A few years ago, there was a lot of outrage about Facebook's relentless
"publification" of user data. And it did produce some at least temporary
retraction as well as some degree of redesign.

In lieu of other mechanisms and options, people are "voting" with their voice.
And past a certain volume, this appears to produce some success with respect
to the concerns of those voices.

Remember a year ago, when the front page was full of SOPA posts and
commentary? Well, that appears to have led to something that -- at least
temporarily -- was in favor of the majority of those posting.

"60 Minutes" [1], for and by the masses. Tick tick tick tick...

\----

[1] A prominent U.S. TV news / investigative journalism program. (I think it's
now been somewhat internationalized, or "franchised".) Although its
credibility has come increasingly into question in recent years.
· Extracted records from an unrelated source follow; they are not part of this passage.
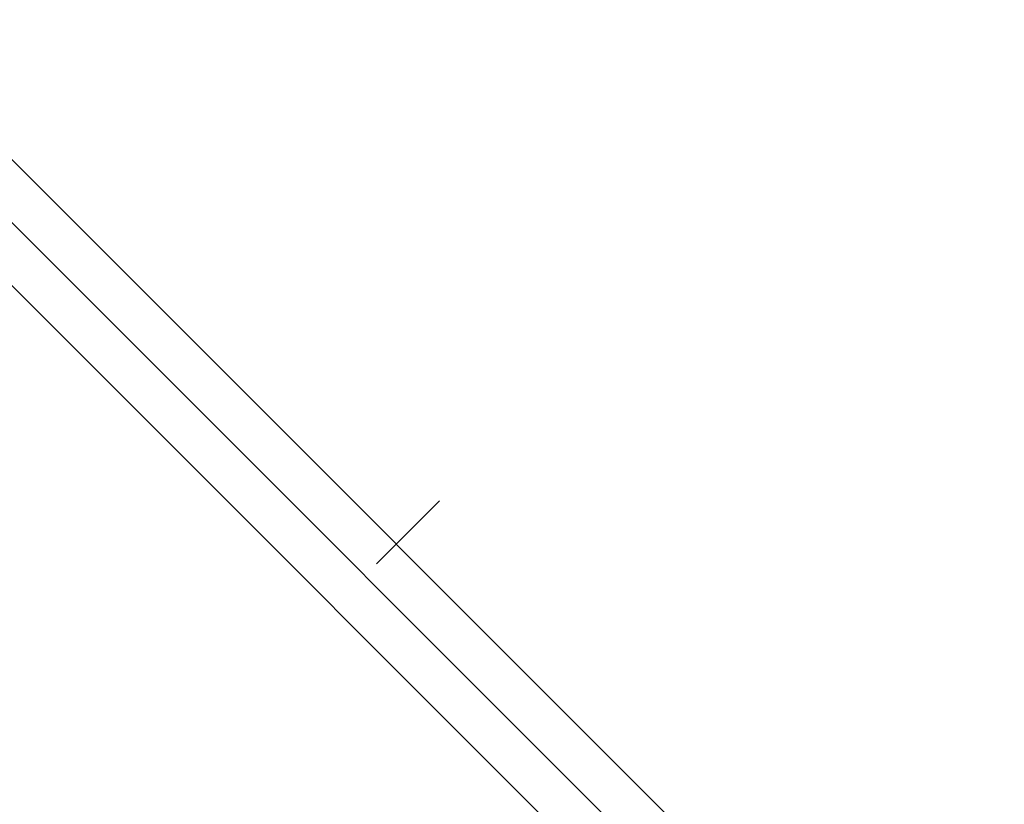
# Model space of a CAD drawing. Header units: millimetres. Extents: x -1030 to 192, y -442 to 180.
# Tile 117 of 256: x -992 to -975, y 166 to 179. Entities that reach past the tile are written whole.
import ezdxf

# ---------------------------------------------------------------- set-up
doc = ezdxf.new("R2010")
doc.units = ezdxf.units.MM
doc.header["$MEASUREMENT"] = 0
doc.layers.add('OVIDIO 120x60x72h', color=7, linetype='Continuous')

msp = doc.modelspace()

# ---------------------------------------------------------------- linework, layer by layer
at = {"layer": 'OVIDIO 120x60x72h', "extrusion": (-8.002787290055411e-07, 8.002763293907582e-07, 0.9999999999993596)}
for points in [[(-994.1211257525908, 179.3606868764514), (-976.4526036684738, 161.6922177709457)], [(-976.4526036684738, 161.6922177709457), (-994.1211257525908, 179.3606868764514)]]:
    msp.add_lwpolyline(points, dxfattribs=at)
at = {"layer": 'OVIDIO 120x60x72h'}
msp.add_lwpolyline([(-976.9828393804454, 161.1620390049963), (-994.6529500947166, 178.8321497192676)], dxfattribs=at)
at = {"layer": 'OVIDIO 120x60x72h', "extrusion": (-0.0004054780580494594, 0.000405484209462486, 0.9999998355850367)}
for points in [[(-977.49876482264, 160.6170193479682), (-995.170361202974, 178.2888809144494)], [(-995.170361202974, 178.2888809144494), (-977.49876482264, 160.6170193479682)]]:
    msp.add_lwpolyline(points, dxfattribs=at)
at = {"layer": 'OVIDIO 120x60x72h', "extrusion": (-0.01521891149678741, -0.01521891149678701, 0.9997683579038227)}
msp.add_lwpolyline([(-985.6965947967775, 170.2204211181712), (-984.6358172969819, 171.2809528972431)], dxfattribs=at)
at = {"layer": 'OVIDIO 120x60x72h', "extrusion": (0, 1, 0)}
for points in [[(1003.790552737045, 755.5378085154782), (419.1110923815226, 755.5378085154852)], [(419.1110923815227, 753.2894482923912), (1003.411021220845, 753.2894482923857)], [(1003.411021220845, 753.2894482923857), (419.1110923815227, 753.2894482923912)], [(1003.791935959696, 755.1931791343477), (419.1110923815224, 755.1931791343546)], [(1003.790552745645, 757.0783026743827), (419.1110923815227, 757.0783026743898)], [(419.1110923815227, 755.5783024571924), (1003.790552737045, 755.5783021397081)], [(419.1110923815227, 757.0783026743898), (1003.790552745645, 757.0783026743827)], [(1003.790552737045, 755.5783021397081), (419.1110923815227, 755.5783024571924)]]:
    msp.add_lwpolyline(points, dxfattribs=at)
at = {"layer": 'OVIDIO 120x60x72h', "extrusion": (0.2655070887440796, 0.881208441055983, -0.3911235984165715)}
for points in [[(965.2840789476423, 585.8315920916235), (1010.90381480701, 645.0517163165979)], [(1010.90381480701, 645.0517163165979), (965.2840789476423, 585.8315920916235)]]:
    msp.add_lwpolyline(points, dxfattribs=at)
at = {"layer": 'OVIDIO 120x60x72h', "extrusion": (0.2028516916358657, -0.1089792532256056, 0.973126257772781)}
for points in [[(-327.0832566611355, 1110.899762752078), (-327.0832566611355, 950.2439183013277)], [(-327.0832566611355, 950.2439183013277), (-327.0832566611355, 1110.899762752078)]]:
    msp.add_lwpolyline(points, dxfattribs=at)
at = {"layer": 'OVIDIO 120x60x72h', "extrusion": (0.2655604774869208, 0.8811853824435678, -0.3911393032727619)}
for points in [[(1011.61952893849, 644.48728595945), (965.2992295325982, 584.3689904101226)], [(965.2992295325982, 584.3689904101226), (1011.61952893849, 644.48728595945)]]:
    msp.add_lwpolyline(points, dxfattribs=at)
at = {"layer": 'OVIDIO 120x60x72h', "extrusion": (0.2028516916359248, -0.1089792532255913, 0.9731262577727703)}
msp.add_lwpolyline([(-327.3787266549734, 1110.89976275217), (-327.3787266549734, 950.2439183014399)], dxfattribs=at)
at = {"layer": 'OVIDIO 120x60x72h', "extrusion": (0.2028516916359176, -0.1089792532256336, 0.9731262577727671)}
for points in [[(-327.6741966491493, 950.2439183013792), (-327.6741966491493, 1110.899762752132)], [(-327.6741966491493, 1110.899762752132), (-327.6741966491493, 950.2439183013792)]]:
    msp.add_lwpolyline(points, dxfattribs=at)
at = {"layer": 'OVIDIO 120x60x72h', "extrusion": (7.538766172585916e-07, 0.9999999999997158, 0)}
for points in [[(1003.411147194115, 754.6310890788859), (419.1112183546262, 754.6319700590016)], [(419.1112183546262, 754.6319700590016), (1003.411147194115, 754.6310890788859)]]:
    msp.add_lwpolyline(points, dxfattribs=at)
at = {"layer": 'OVIDIO 120x60x72h', "extrusion": (0.2653515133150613, 0.8812750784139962, -0.3910790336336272)}
for points in [[(965.4559095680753, 587.2080415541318), (1007.839557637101, 642.2574667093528)], [(1007.839557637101, 642.2574667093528), (965.4559095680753, 587.2080415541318)]]:
    msp.add_lwpolyline(points, dxfattribs=at)

doc.saveas('drawing.dxf')

Its opening
segment and transitions display a ticking stopwatch.

Some of its stories have been credited with producing significant private and
public policy shifts -- in perception, or substance, or both.

------
tptacek
You're not "that guy". The onslaught of political stories about NSA
surveillance is so severe that the people who'd normally be piping up
alongside you have given up.

------
staunch
HN is to the point where it pretty much needs subreddits (or a basic version
of them, like the "Ask" section) to continue to not suck.

------
simgidacav
A point for you sir: complaining is not the way of solving a problem. Still
the complaining is symptomatic of discomfort in the community for this facts;
and discomfort, my good friend, is rich soil for solutions.

The best way of moving on is enabling creativity.

------
Sealy
Thats true, NSA related stories have been flooding the front pages of hacker
news for the last two weeks. I don't mind a couple of posts but when every
other story is related to the news, it gets dry fast.

------
andymoe
We are, apparently, about this right now.